───── Source records

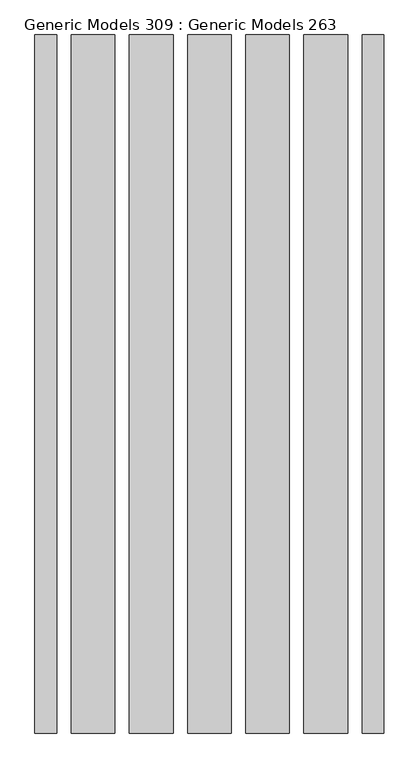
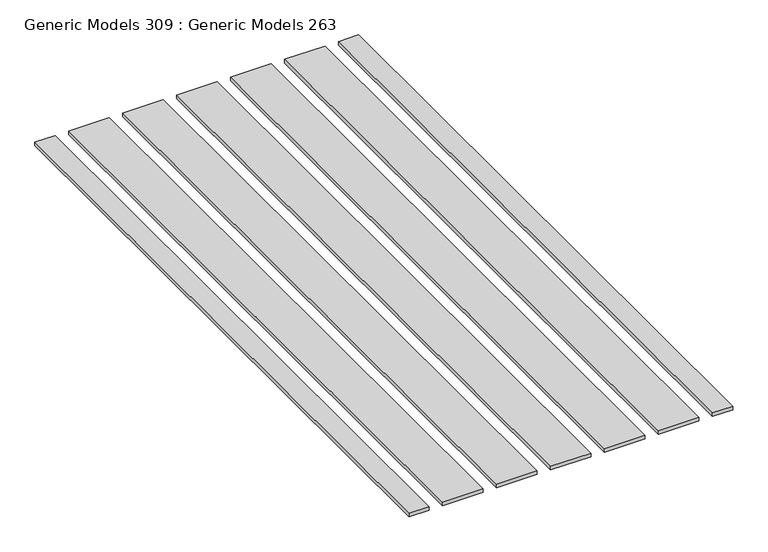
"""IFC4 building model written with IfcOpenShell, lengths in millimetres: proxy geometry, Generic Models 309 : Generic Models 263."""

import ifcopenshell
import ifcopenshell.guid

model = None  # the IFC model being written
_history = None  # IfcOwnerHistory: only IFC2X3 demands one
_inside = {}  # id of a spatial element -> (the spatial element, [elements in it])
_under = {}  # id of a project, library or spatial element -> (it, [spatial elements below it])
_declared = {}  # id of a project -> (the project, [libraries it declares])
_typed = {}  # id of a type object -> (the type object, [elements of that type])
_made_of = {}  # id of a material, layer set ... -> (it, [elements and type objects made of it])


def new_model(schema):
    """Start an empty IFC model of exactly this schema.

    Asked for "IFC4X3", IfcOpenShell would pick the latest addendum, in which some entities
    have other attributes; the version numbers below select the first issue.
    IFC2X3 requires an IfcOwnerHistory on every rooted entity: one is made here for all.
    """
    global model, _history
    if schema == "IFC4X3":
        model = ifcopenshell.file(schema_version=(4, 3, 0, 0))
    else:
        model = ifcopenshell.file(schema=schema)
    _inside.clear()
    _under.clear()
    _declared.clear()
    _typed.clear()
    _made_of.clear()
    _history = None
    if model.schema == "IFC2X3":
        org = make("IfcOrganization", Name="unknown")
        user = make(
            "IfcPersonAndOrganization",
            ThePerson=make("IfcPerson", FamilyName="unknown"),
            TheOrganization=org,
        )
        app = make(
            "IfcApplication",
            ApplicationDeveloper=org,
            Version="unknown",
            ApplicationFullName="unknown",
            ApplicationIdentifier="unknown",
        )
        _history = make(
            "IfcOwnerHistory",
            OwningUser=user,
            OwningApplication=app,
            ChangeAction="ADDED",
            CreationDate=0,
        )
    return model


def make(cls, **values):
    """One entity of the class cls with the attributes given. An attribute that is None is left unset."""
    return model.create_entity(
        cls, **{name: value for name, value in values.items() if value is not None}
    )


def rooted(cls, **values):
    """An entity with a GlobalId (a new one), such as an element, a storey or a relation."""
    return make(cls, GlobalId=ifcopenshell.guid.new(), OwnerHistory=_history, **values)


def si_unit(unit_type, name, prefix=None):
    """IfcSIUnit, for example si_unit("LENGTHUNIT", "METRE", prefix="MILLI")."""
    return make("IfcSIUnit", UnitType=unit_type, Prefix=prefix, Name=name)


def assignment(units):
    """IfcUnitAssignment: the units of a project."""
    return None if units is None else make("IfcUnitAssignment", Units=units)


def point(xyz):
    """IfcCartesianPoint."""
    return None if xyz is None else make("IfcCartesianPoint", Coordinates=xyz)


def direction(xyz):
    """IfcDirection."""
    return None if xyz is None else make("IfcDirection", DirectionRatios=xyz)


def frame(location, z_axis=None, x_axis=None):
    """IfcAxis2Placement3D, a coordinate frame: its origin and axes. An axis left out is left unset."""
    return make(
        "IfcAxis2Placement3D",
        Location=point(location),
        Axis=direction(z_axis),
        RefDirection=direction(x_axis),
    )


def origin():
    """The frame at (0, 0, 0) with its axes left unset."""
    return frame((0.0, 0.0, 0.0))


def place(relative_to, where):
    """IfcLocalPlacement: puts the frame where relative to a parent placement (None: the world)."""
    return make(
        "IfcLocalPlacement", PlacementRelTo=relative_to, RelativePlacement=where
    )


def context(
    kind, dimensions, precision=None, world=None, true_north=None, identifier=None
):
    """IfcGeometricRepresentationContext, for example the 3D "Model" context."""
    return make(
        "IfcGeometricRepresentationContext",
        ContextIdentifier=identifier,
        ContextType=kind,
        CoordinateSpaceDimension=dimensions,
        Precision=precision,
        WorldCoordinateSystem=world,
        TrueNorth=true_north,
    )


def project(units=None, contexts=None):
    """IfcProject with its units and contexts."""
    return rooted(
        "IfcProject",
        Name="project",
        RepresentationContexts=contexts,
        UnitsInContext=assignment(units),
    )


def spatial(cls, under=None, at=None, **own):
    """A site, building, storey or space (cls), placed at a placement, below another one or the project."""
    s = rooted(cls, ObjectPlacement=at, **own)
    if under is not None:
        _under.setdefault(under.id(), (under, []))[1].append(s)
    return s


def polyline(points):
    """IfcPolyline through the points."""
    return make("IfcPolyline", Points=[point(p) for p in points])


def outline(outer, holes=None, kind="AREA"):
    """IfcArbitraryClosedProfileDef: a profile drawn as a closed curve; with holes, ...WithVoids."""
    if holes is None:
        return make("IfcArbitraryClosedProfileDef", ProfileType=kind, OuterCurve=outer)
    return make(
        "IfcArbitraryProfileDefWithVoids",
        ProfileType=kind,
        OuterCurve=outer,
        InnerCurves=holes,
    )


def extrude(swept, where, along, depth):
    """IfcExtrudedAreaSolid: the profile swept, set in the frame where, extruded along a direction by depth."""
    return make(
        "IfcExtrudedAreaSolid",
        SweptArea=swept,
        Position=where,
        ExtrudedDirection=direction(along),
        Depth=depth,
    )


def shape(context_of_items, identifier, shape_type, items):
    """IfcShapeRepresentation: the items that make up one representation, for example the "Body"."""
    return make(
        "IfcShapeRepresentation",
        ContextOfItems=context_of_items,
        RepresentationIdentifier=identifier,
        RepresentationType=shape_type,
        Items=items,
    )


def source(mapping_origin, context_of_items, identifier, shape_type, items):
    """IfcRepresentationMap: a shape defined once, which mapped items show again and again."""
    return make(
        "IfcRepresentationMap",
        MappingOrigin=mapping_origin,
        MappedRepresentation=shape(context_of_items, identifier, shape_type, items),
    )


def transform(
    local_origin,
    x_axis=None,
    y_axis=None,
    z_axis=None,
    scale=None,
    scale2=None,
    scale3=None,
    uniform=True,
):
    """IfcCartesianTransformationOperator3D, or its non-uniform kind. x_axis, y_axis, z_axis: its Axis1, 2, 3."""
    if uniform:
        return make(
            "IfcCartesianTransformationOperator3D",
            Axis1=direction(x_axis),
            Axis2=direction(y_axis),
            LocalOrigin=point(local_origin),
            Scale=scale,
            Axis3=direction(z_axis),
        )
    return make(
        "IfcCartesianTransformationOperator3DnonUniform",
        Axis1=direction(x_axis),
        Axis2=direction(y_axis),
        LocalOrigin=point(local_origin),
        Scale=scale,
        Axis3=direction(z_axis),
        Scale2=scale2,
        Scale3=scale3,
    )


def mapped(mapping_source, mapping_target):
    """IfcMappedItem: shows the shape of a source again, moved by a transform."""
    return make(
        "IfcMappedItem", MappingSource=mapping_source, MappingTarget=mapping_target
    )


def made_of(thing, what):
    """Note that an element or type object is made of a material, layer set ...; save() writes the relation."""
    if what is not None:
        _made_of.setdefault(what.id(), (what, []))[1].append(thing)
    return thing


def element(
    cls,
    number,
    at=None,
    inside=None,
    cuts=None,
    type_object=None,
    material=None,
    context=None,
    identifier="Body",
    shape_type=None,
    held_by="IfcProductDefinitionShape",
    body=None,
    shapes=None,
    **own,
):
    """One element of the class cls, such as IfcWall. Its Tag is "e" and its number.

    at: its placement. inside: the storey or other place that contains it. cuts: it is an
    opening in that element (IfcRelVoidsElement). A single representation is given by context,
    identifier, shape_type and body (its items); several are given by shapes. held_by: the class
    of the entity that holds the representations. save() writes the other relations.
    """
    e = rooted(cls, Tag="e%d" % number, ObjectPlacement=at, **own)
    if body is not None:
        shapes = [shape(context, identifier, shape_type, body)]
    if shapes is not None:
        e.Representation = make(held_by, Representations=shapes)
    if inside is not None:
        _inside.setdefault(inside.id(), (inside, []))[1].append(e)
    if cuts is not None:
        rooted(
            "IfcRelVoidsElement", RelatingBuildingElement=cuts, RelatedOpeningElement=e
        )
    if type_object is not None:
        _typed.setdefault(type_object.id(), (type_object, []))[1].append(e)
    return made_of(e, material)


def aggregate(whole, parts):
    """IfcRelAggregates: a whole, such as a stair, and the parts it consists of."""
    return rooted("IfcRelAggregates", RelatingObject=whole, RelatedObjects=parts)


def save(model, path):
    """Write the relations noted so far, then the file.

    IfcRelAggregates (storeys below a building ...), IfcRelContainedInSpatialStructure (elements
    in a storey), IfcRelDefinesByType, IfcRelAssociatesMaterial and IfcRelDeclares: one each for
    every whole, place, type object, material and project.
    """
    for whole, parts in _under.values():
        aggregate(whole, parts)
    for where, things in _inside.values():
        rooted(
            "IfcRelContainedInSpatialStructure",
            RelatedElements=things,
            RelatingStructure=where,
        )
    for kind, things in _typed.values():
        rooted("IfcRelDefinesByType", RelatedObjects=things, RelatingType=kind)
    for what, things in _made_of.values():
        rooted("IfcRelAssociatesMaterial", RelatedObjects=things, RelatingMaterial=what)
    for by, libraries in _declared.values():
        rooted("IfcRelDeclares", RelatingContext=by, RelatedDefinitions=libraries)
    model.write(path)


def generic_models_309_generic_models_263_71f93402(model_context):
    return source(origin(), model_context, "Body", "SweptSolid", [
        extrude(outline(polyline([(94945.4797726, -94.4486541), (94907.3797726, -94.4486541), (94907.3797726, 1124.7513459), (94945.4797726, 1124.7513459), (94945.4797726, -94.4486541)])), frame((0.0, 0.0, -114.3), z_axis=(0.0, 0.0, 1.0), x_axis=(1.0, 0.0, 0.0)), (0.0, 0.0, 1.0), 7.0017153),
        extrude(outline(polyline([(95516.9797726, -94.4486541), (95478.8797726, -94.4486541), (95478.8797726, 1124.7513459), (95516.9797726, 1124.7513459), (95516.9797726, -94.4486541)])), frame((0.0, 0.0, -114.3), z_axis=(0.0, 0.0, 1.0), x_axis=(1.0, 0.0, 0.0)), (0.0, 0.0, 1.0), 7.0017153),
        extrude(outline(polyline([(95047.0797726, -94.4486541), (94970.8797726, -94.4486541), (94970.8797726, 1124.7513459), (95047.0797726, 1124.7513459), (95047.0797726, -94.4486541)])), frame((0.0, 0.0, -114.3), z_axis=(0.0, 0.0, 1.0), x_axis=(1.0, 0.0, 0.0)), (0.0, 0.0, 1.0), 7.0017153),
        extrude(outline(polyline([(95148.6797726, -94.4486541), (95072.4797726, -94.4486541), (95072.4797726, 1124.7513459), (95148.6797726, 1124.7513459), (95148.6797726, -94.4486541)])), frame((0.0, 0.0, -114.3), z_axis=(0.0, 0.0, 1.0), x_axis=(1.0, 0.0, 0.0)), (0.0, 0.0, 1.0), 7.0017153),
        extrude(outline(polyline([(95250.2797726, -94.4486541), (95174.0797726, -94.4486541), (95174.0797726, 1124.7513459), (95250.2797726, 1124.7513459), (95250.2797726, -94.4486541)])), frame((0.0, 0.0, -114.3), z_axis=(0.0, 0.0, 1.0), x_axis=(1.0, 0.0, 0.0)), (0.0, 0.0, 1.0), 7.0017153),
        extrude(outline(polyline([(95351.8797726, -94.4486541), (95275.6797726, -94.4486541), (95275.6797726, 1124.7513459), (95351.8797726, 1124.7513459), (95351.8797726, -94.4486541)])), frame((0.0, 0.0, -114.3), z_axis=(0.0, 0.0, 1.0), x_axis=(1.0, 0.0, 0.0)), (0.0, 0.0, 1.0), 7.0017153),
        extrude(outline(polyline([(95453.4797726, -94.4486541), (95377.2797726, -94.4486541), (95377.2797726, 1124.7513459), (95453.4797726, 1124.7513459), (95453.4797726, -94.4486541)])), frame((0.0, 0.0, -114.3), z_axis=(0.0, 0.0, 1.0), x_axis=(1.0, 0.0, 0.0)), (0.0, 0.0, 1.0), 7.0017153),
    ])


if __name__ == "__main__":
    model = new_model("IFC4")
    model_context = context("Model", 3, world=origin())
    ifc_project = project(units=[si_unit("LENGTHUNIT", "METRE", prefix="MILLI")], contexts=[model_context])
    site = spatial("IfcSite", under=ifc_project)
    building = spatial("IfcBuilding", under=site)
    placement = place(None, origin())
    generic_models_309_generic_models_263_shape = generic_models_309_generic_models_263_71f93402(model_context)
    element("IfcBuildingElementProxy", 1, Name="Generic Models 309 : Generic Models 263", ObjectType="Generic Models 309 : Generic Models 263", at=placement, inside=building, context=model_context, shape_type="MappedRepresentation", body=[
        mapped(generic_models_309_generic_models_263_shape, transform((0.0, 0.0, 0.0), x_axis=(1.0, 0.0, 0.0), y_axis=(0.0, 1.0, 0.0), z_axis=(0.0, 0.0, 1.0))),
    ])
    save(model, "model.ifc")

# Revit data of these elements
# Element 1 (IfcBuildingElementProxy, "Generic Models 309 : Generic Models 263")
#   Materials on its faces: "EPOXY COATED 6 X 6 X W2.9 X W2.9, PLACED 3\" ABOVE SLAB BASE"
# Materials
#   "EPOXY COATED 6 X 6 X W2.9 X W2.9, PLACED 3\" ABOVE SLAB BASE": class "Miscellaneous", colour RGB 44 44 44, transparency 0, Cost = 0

──────────

## Task instructions:
The word "IfcRelDeclares" appears in some of the lines above. Copy those lines.

## Answer to the problem:
    in a storey), IfcRelDefinesByType, IfcRelAssociatesMaterial and IfcRelDeclares: one each for
        rooted("IfcRelDeclares", RelatingContext=by, RelatedDefinitions=libraries)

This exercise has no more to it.